Half an hour later, with the inside of my car smelling like old man, I pulled to a stop at the foot of a small mesa a mile or so off County 14. My headlights illuminated the squat adobe, rock, and log cottage, the back of the dwelling backed tight against a rock outcropping. A canopy of runty, gnarled trees found enough moisture in the cracks and crannies. An electric line ran along the two-track, and looped into the side of the building. At least there was that.

In 1930, when Spartan living was a way of life in the rural west, the place would have seemed cozy, even hospitable. Now, more than half a century later, with lives flooded with cheap luxuries, Reubén’s home was an anachronism, damn near a tourist attraction.

Two dogs stood at silent alert, tails waiting, and when they saw-or smelled-my passenger, they did their dog-thing, becoming dervishes of greeting.

He hesitated, half in and half out of my car. “What am I going to do about my truck? My tools…”

“We’ll get ’em back to you,” I promised. That’s the trouble with starting the taxi service, I would admonish deputies. One thing leads to another, and pretty soon you have a snarl. Good deeds rarely go unpunished.
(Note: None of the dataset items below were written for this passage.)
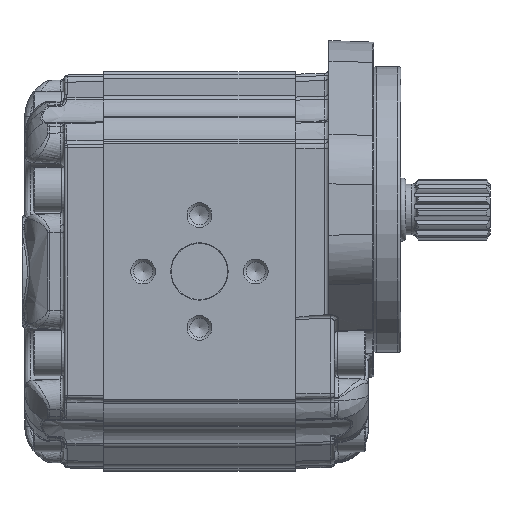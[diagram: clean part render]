
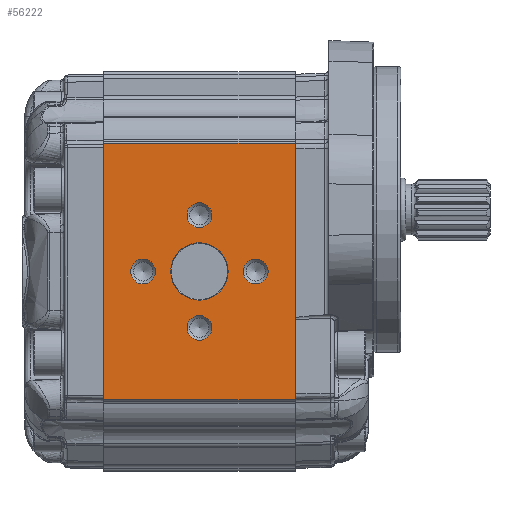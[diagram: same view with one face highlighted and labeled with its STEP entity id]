
A CAD part, left-side view. The second image highlights one B-rep face of the part: STEP entity #56222.
In plain terms, the highlighted planar face has unit normal (-1, 0, 0).
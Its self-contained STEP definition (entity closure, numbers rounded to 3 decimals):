
#6461=LINE('',#106767,#8095);
#6472=LINE('',#106852,#8106);
#6510=LINE('',#106960,#8144);
#6511=LINE('',#106961,#8145);
#8095=VECTOR('',#62851,1000.);
#8106=VECTOR('',#62926,1000.);
#8144=VECTOR('',#63052,1000.);
#8145=VECTOR('',#63053,1000.);
#14087=ORIENTED_EDGE('',*,*,#23698,.T.);
#14088=ORIENTED_EDGE('',*,*,#23699,.T.);
#14089=ORIENTED_EDGE('',*,*,#23700,.T.);
#14090=ORIENTED_EDGE('',*,*,#23701,.T.);
#14091=ORIENTED_EDGE('',*,*,#23702,.T.);
#14092=ORIENTED_EDGE('',*,*,#23602,.F.);
#14093=ORIENTED_EDGE('',*,*,#23703,.T.);
#14094=ORIENTED_EDGE('',*,*,#23644,.F.);
#14095=ORIENTED_EDGE('',*,*,#23704,.T.);
#23602=EDGE_CURVE('',#28736,#28737,#6461,.T.);
#23644=EDGE_CURVE('',#28778,#28779,#6472,.T.);
#23698=EDGE_CURVE('',#28800,#28800,#31581,.F.);
#23699=EDGE_CURVE('',#28801,#28801,#31582,.F.);
#23700=EDGE_CURVE('',#28802,#28802,#31583,.F.);
#23701=EDGE_CURVE('',#28803,#28803,#31584,.F.);
#23702=EDGE_CURVE('',#28804,#28804,#31585,.F.);
#23703=EDGE_CURVE('',#28736,#28779,#6510,.F.);
#23704=EDGE_CURVE('',#28778,#28737,#6511,.F.);
#28736=VERTEX_POINT('',#106766);
#28737=VERTEX_POINT('',#106768);
#28778=VERTEX_POINT('',#106851);
#28779=VERTEX_POINT('',#106853);
#28800=VERTEX_POINT('',#106951);
#28801=VERTEX_POINT('',#106953);
#28802=VERTEX_POINT('',#106955);
#28803=VERTEX_POINT('',#106957);
#28804=VERTEX_POINT('',#106959);
#31581=CIRCLE('',#58884,4.4);
#31582=CIRCLE('',#58885,4.4);
#31583=CIRCLE('',#58886,4.4);
#31584=CIRCLE('',#58887,4.4);
#31585=CIRCLE('',#58888,10.2);
#32924=EDGE_LOOP('',(#14087));
#32925=EDGE_LOOP('',(#14088));
#32926=EDGE_LOOP('',(#14089));
#32927=EDGE_LOOP('',(#14090));
#32928=EDGE_LOOP('',(#14091));
#32929=EDGE_LOOP('',(#14092,#14093,#14094,#14095));
#35657=FACE_BOUND('',#32924,.T.);
#35658=FACE_BOUND('',#32925,.T.);
#35659=FACE_BOUND('',#32926,.T.);
#35660=FACE_BOUND('',#32927,.T.);
#35661=FACE_BOUND('',#32928,.T.);
#35662=FACE_BOUND('',#32929,.T.);
#37473=PLANE('',#58883);
#56222=ADVANCED_FACE('',(#35657,#35658,#35659,#35660,#35661,#35662),#37473,
 .T.);
#58883=AXIS2_PLACEMENT_3D('',#106949,#63040,#63041);
#58884=AXIS2_PLACEMENT_3D('',#106950,#63042,#63043);
#58885=AXIS2_PLACEMENT_3D('',#106952,#63044,#63045);
#58886=AXIS2_PLACEMENT_3D('',#106954,#63046,#63047);
#58887=AXIS2_PLACEMENT_3D('',#106956,#63048,#63049);
#58888=AXIS2_PLACEMENT_3D('',#106958,#63050,#63051);
#62851=DIRECTION('',(0.,0.,1.));
#62926=DIRECTION('',(0.,0.,-1.));
#63040=DIRECTION('',(-1.,0.,0.));
#63041=DIRECTION('',(0.,0.,-1.));
#63042=DIRECTION('',(-1.,0.,0.));
#63043=DIRECTION('',(0.,0.,-1.));
#63044=DIRECTION('',(-1.,0.,0.));
#63045=DIRECTION('',(0.,0.,-1.));
#63046=DIRECTION('',(-1.,0.,0.));
#63047=DIRECTION('',(0.,0.,-1.));
#63048=DIRECTION('',(-1.,0.,0.));
#63049=DIRECTION('',(0.,0.,-1.));
#63050=DIRECTION('',(-1.,0.,0.));
#63051=DIRECTION('',(0.,0.,-1.));
#63052=DIRECTION('',(0.,1.,0.));
#63053=DIRECTION('',(0.,-1.,0.));
#106766=CARTESIAN_POINT('',(-57.5,68.,-45.5));
#106767=CARTESIAN_POINT('',(-57.5,68.,-84.819));
#106768=CARTESIAN_POINT('',(-57.5,68.,45.5));
#106851=CARTESIAN_POINT('',(-57.5,0.,45.5));
#106852=CARTESIAN_POINT('',(-57.5,0.,-44.978));
#106853=CARTESIAN_POINT('',(-57.5,0.,-45.5));
#106949=CARTESIAN_POINT('',(-57.5,-154.175,-84.819));
#106950=CARTESIAN_POINT('',(-57.5,34.,20.));
#106951=CARTESIAN_POINT('',(-57.5,34.,15.6));
#106952=CARTESIAN_POINT('',(-57.5,54.,0.));
#106953=CARTESIAN_POINT('',(-57.5,54.,-4.4));
#106954=CARTESIAN_POINT('',(-57.5,34.,-20.));
#106955=CARTESIAN_POINT('',(-57.5,34.,-24.4));
#106956=CARTESIAN_POINT('',(-57.5,14.,0.));
#106957=CARTESIAN_POINT('',(-57.5,14.,-4.4));
#106958=CARTESIAN_POINT('',(-57.5,34.,0.));
#106959=CARTESIAN_POINT('',(-57.5,34.,-10.2));
#106960=CARTESIAN_POINT('',(-57.5,-154.175,-45.5));
#106961=CARTESIAN_POINT('',(-57.5,-154.175,45.5));

“I guess I can take the old Jeep down. But I hate to do that.” The ‘old jeep’ was just that, a topless old buggy with the seats showing springs in a dozen places. It was parked beside the house, its license clearly expired. I knew it was a ’47, worth something now to a collector who might restore it. A bullet crease on the flat of the left front fender drew my eye. I knew how it had gotten there, and if either of the Hidalgo brothers were still alive, they’d probably welcome the chance for another try.